### Your assignment
Using the records below, filter for lines that contain the string "rungs" and copy them out.

### Task material
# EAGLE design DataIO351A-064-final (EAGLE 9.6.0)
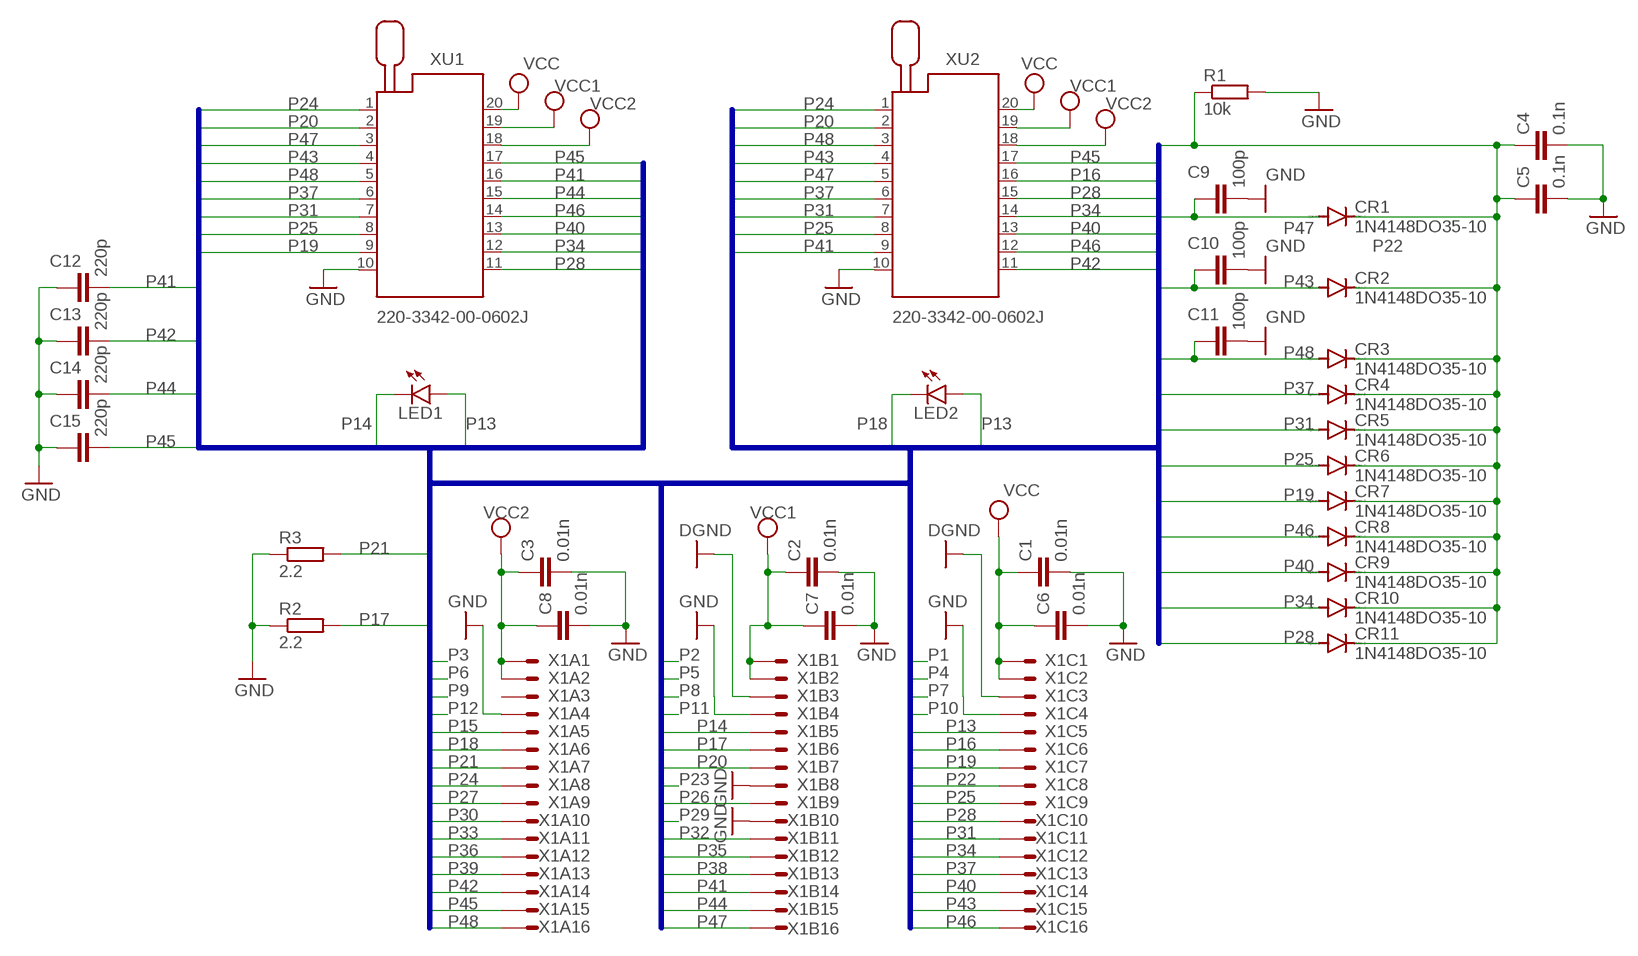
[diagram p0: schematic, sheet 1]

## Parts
C1  0.01n  C-EU050-025X075  [C050-025X075]
C2  0.01n  C-EU050-025X075  [C050-025X075]
C3  0.01n  C-EU050-025X075  [C050-025X075]
C4  0.1n  C-EU050-025X075  [C050-025X075]
C5  0.1n  C-EU050-025X075  [C050-025X075]
C6  0.01n  C-EU050-025X075  [C050-025X075]
C7  0.01n  C-EU050-025X075  [C050-025X075]
C8  0.01n  C-EU050-025X075  [C050-025X075]
C9  100p  C-EU050-025X075  [C050-025X075]
C10  100p  C-EU050-025X075  [C050-025X075]
C11  100p  C-EU050-025X075  [C050-025X075]
C12  220p  C-EU050-025X075  [C050-025X075]
C13  220p  C-EU050-025X075  [C050-025X075]
C14  220p  C-EU050-025X075  [C050-025X075]
C15  220p  C-EU050-025X075  [C050-025X075]
CR1  1N4148DO35-10  [DO35-10]
CR2  1N4148DO35-10  [DO35-10]
CR3  1N4148DO35-10  [DO35-10]
CR4  1N4148DO35-10  [DO35-10]
CR5  1N4148DO35-10  [DO35-10]
CR6  1N4148DO35-10  [DO35-10]
CR7  1N4148DO35-10  [DO35-10]
CR8  1N4148DO35-10  [DO35-10]
CR9  1N4148DO35-10  [DO35-10]
CR10  1N4148DO35-10  [DO35-10]
CR11  1N4148DO35-10  [DO35-10]
LED1  LED5MM  [LED5MM]
LED2  LED5MM  [LED5MM]
R1  10k  R-EU_V234/12  [V234/12]
R2  2.2  R-EU_V234/12  [V234/12]
R3  2.2  R-EU_V234/12  [V234/12]
X1  MAC48SHE  [MAC48SH]
XU1  220-3342-00-0602J  [220-3342-00-0602J]
XU2  220-3342-00-0602J  [220-3342-00-0602J]

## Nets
DGND: X1.B3 X1.C3
GND: C1.2 C2.2 C3.2 C4.2 C5.2 C6.2 C7.2 C8.2 C9.2 C10.2 C11.2 C12.1 C13.1 C14.1 C15.1 R1.2 R2.1 R3.1 X1.A4 X1.B4 X1.B8 X1.B10 X1.C4 XU1.10 XU2.10
P13: LED1.A LED2.A X1.C5
P14: LED1.K(C) X1.B5
P15: X1.A5
P16: X1.C6 XU2.16
P17: R2.2 X1.B6
P18: LED2.K(C) X1.A6
P19: CR7.A X1.C7 XU1.9
P20: X1.B7 XU1.2 XU2.2
P21: R3.2 X1.A7
P22: C4.1 C5.1 CR1.C CR2.C CR3.C CR4.C CR5.C CR6.C CR7.C CR8.C CR9.C CR10.C CR11.C R1.1 X1.C8
P24: X1.A8 XU1.1 XU2.1
P25: CR6.A X1.C9 XU1.8 XU2.8
P26: X1.B9
P27: X1.A9
P28: CR11.A X1.C10 XU1.11 XU2.15
P30: X1.A10
P31: CR5.A X1.C11 XU1.7 XU2.7
P32: X1.B11
P33: X1.A11
P34: CR10.A X1.C12 XU1.12 XU2.14
P35: X1.B12
P36: X1.A12
P37: CR4.A X1.C13 XU1.6 XU2.6
P38: X1.B13
P39: X1.A13
P40: CR9.A X1.C14 XU1.13 XU2.13
P41: C12.2 X1.B14 XU1.16 XU2.9
P42: C13.2 X1.A14 XU2.11
P43: C10.1 CR2.A X1.C15 XU1.4 XU2.4
P44: C14.2 X1.B15 XU1.15
P45: C15.2 X1.A15 XU1.17 XU2.17
P46: CR8.A X1.C16 XU1.14 XU2.12
P47: C9.1 CR1.A X1.B16 XU1.3 XU2.5
P48: C11.1 CR3.A X1.A16 XU1.5 XU2.3
VCC: C1.1 C6.1 X1.C1 X1.C2 XU1.20 XU2.20
VCC1: C2.1 C7.1 X1.B1 X1.B2 XU1.19 XU2.19
VCC2: C3.1 C8.1 X1.A1 X1.A2 XU1.18 XU2.18
Unconnected: X1.A3

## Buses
B:P[1..48]

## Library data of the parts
C1-C15 = rcl:C-EU: CAPACITOR, European symbol; SPICEPREFIX: C
CR1-CR11 = diode:1N4148: DIODE
LED1 LED2 = led:LED: LED
R1-R3 = rcl:R-EU_: RESISTOR, European symbol; SPICEPREFIX: R
X1 = con-vg:MAC48SHE: CONNECTOR male, 48 pins, single, type C/2, rows ABC, grid 2.54 mm
XU1 XU2 = con-3m:220-3342-00-0602J: Zero Insertion Force Socked Source: http://www.3M.com/ehpd; MF: 3M; MPN: 220-3342-00-0602J; OC_FARNELL: 9897445; OC_NEWARK: 85K7807

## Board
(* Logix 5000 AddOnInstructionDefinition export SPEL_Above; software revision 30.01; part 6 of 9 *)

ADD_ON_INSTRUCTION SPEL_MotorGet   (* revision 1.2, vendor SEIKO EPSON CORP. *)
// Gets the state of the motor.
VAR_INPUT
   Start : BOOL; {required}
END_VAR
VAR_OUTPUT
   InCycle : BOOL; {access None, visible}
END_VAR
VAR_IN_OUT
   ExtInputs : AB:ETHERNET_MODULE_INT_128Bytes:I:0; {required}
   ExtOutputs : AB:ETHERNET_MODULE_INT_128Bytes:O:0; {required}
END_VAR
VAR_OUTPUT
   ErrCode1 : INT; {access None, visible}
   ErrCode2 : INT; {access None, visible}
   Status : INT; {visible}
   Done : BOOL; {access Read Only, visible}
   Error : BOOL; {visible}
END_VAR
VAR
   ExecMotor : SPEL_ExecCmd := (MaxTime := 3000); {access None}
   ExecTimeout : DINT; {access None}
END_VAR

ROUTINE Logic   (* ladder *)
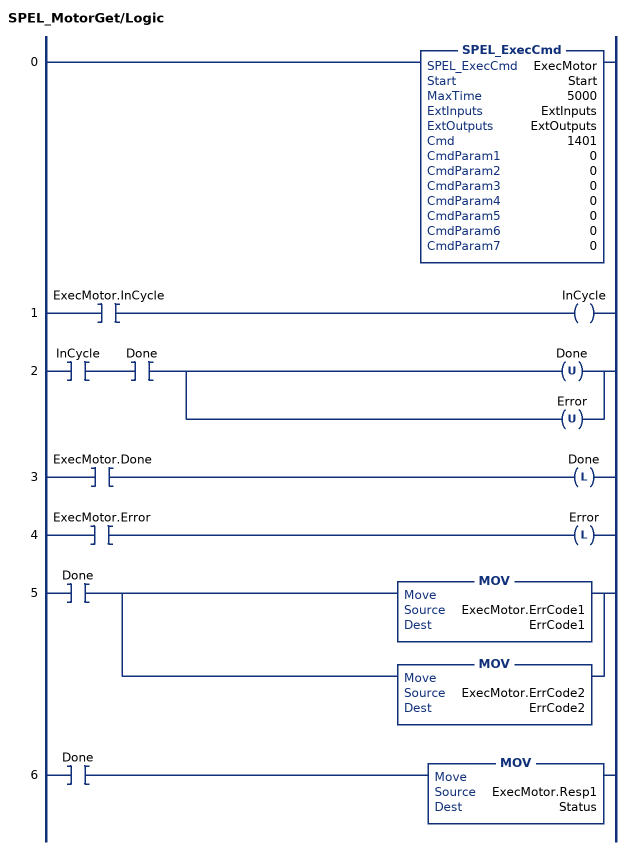
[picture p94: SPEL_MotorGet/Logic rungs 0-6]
   0: SPEL_ExecCmd(ExecMotor,Start,5000,ExtInputs,ExtOutputs,1401,0,0,0,0,0,0,0);
   1: XIC(ExecMotor.InCycle)OTE(InCycle);
   2: XIC(InCycle)XIC(Done)[OTU(Done) ,OTU(Error) ];
   3: XIC(ExecMotor.Done)OTL(Done);
   4: XIC(ExecMotor.Error)OTL(Error);
   5: XIC(Done)[MOV(ExecMotor.ErrCode1,ErrCode1) ,MOV(ExecMotor.ErrCode2,ErrCode2) ];
   6: XIC(Done)MOV(ExecMotor.Resp1,Status);
END_ROUTINE
END_ADD_ON_INSTRUCTION

ADD_ON_INSTRUCTION SPEL_MotorOff   (* revision 1.0, vendor SEIKO EPSON CORP. *)
// Turns robot motors off.
VAR_INPUT
   Start : BOOL; {access Read Only, required}
END_VAR
VAR_OUTPUT
   InCycle : BOOL; {access Read Only, visible}
   Done : BOOL; {access Read Only, visible}
   Error : BOOL; {access Read Only, visible}
END_VAR
VAR_IN_OUT
   ExtInputs : AB:ETHERNET_MODULE_INT_128Bytes:I:0; {required}
   ExtOutputs : AB:ETHERNET_MODULE_INT_128Bytes:O:0; {required}
END_VAR
VAR_OUTPUT
   ErrCode1 : INT; {access Read Only, visible}
   ErrCode2 : INT; {access Read Only, visible}
END_VAR
VAR
   ExecMotorOff : SPEL_ExecCmd := (MaxTime := 3000); {access None}
        .INCYCLE   // ExecInCycle
        .DONE   // ExecDone
        .ERROR   // ExecError
   OneShotStart : BOOL; {access None}
   StartCoil : BOOL; {access None}
   ExecTimeout : DINT; {access None}
END_VAR

ROUTINE Logic   (* ladder *)
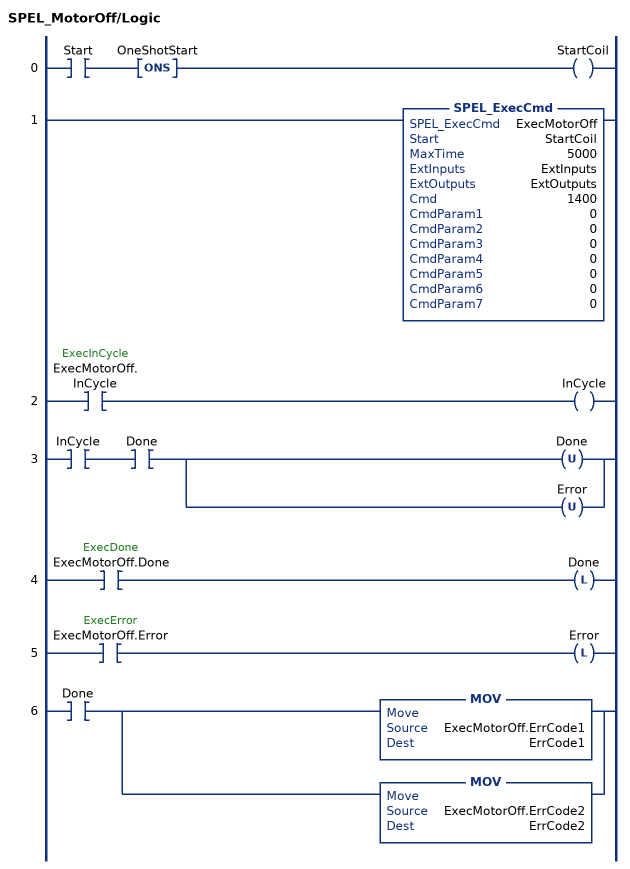
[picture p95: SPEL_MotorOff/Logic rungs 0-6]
   0: XIC(Start)ONS(OneShotStart)OTE(StartCoil);
   1: SPEL_ExecCmd(ExecMotorOff,StartCoil,5000,ExtInputs,ExtOutputs,1400,0,0,0,0,0,0,0);
   2: XIC(ExecMotorOff.InCycle)OTE(InCycle);
   3: XIC(InCycle)XIC(Done)[OTU(Done) ,OTU(Error) ];
   4: XIC(ExecMotorOff.Done)OTL(Done);
   5: XIC(ExecMotorOff.Error)OTL(Error);
   6: XIC(Done)[MOV(ExecMotorOff.ErrCode1,ErrCode1) ,MOV(ExecMotorOff.ErrCode2,ErrCode2) ];
END_ROUTINE
END_ADD_ON_INSTRUCTION

ADD_ON_INSTRUCTION SPEL_MotorOn   (* revision 1.0, vendor SEIKO EPSON CORP. *)
// Turns robot motors on.
VAR_INPUT
   Start : BOOL; {access Read Only, required}
END_VAR
VAR_OUTPUT
   InCycle : BOOL; {access Read Only, visible}
   Done : BOOL; {access Read Only, visible}
   Error : BOOL; {access Read Only, visible}
END_VAR
VAR_IN_OUT
   ExtInputs : AB:ETHERNET_MODULE_INT_128Bytes:I:0; {required}
   ExtOutputs : AB:ETHERNET_MODULE_INT_128Bytes:O:0; {required}
END_VAR
VAR_OUTPUT
   ErrCode1 : INT; {access Read Only, visible}
   ErrCode2 : INT; {access Read Only, visible}
END_VAR
VAR
   ExecMotorOn : SPEL_ExecCmd := (MaxTime := 3000); {access None}
        .INCYCLE   // ExecInCycle
        .DONE   // ExecDone
        .ERROR   // ExecError
   OneShotStart : BOOL; {access None}
   StartCoil : BOOL; {access None}
   ExecTimeout : DINT; {access None}
END_VAR

ROUTINE Logic   (* ladder *)
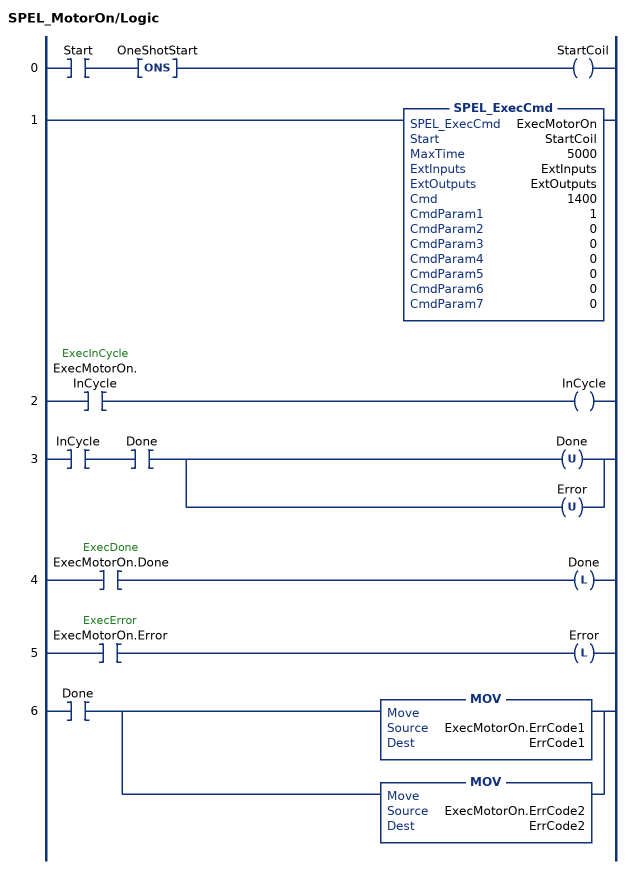
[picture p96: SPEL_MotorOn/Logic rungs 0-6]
   0: XIC(Start)ONS(OneShotStart)OTE(StartCoil);
   1: SPEL_ExecCmd(ExecMotorOn,StartCoil,5000,ExtInputs,ExtOutputs,1400,1,0,0,0,0,0,0);
   2: XIC(ExecMotorOn.InCycle)OTE(InCycle);
   3: XIC(InCycle)XIC(Done)[OTU(Done) ,OTU(Error) ];
   4: XIC(ExecMotorOn.Done)OTL(Done);
   5: XIC(ExecMotorOn.Error)OTL(Error);
   6: XIC(Done)[MOV(ExecMotorOn.ErrCode1,ErrCode1) ,MOV(ExecMotorOn.ErrCode2,ErrCode2) ];
END_ROUTINE
END_ADD_ON_INSTRUCTION

ADD_ON_INSTRUCTION SPEL_Move   (* revision 1.0, vendor SEIKO EPSON CORP. *)
// Moves the arm from the current position to the specified position in a linear interpolation motion.
VAR_OUTPUT
   InCycle : BOOL; {access Read Only, visible}
   Done : BOOL; {access Read Only, visible}
   Error : BOOL; {access Read Only, visible}
END_VAR
VAR_INPUT
   Start : BOOL; {required}
   MaxTime : DINT := 30000; {access None, visible}
   TargetType : INT; {access None, visible}
   Point : INT; {required}
   PalletNum : INT; {access None, visible}
   PalletPosOrCol : INT; {access None, visible}
   PalletRow : INT; {access None, visible}
END_VAR
VAR_IN_OUT
   ExtInputs : AB:ETHERNET_MODULE_INT_128Bytes:I:0; {required}
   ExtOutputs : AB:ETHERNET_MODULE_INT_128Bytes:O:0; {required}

### Reply to the exercise
[picture p94: SPEL_MotorGet/Logic rungs 0-6]
[picture p95: SPEL_MotorOff/Logic rungs 0-6]
[picture p96: SPEL_MotorOn/Logic rungs 0-6]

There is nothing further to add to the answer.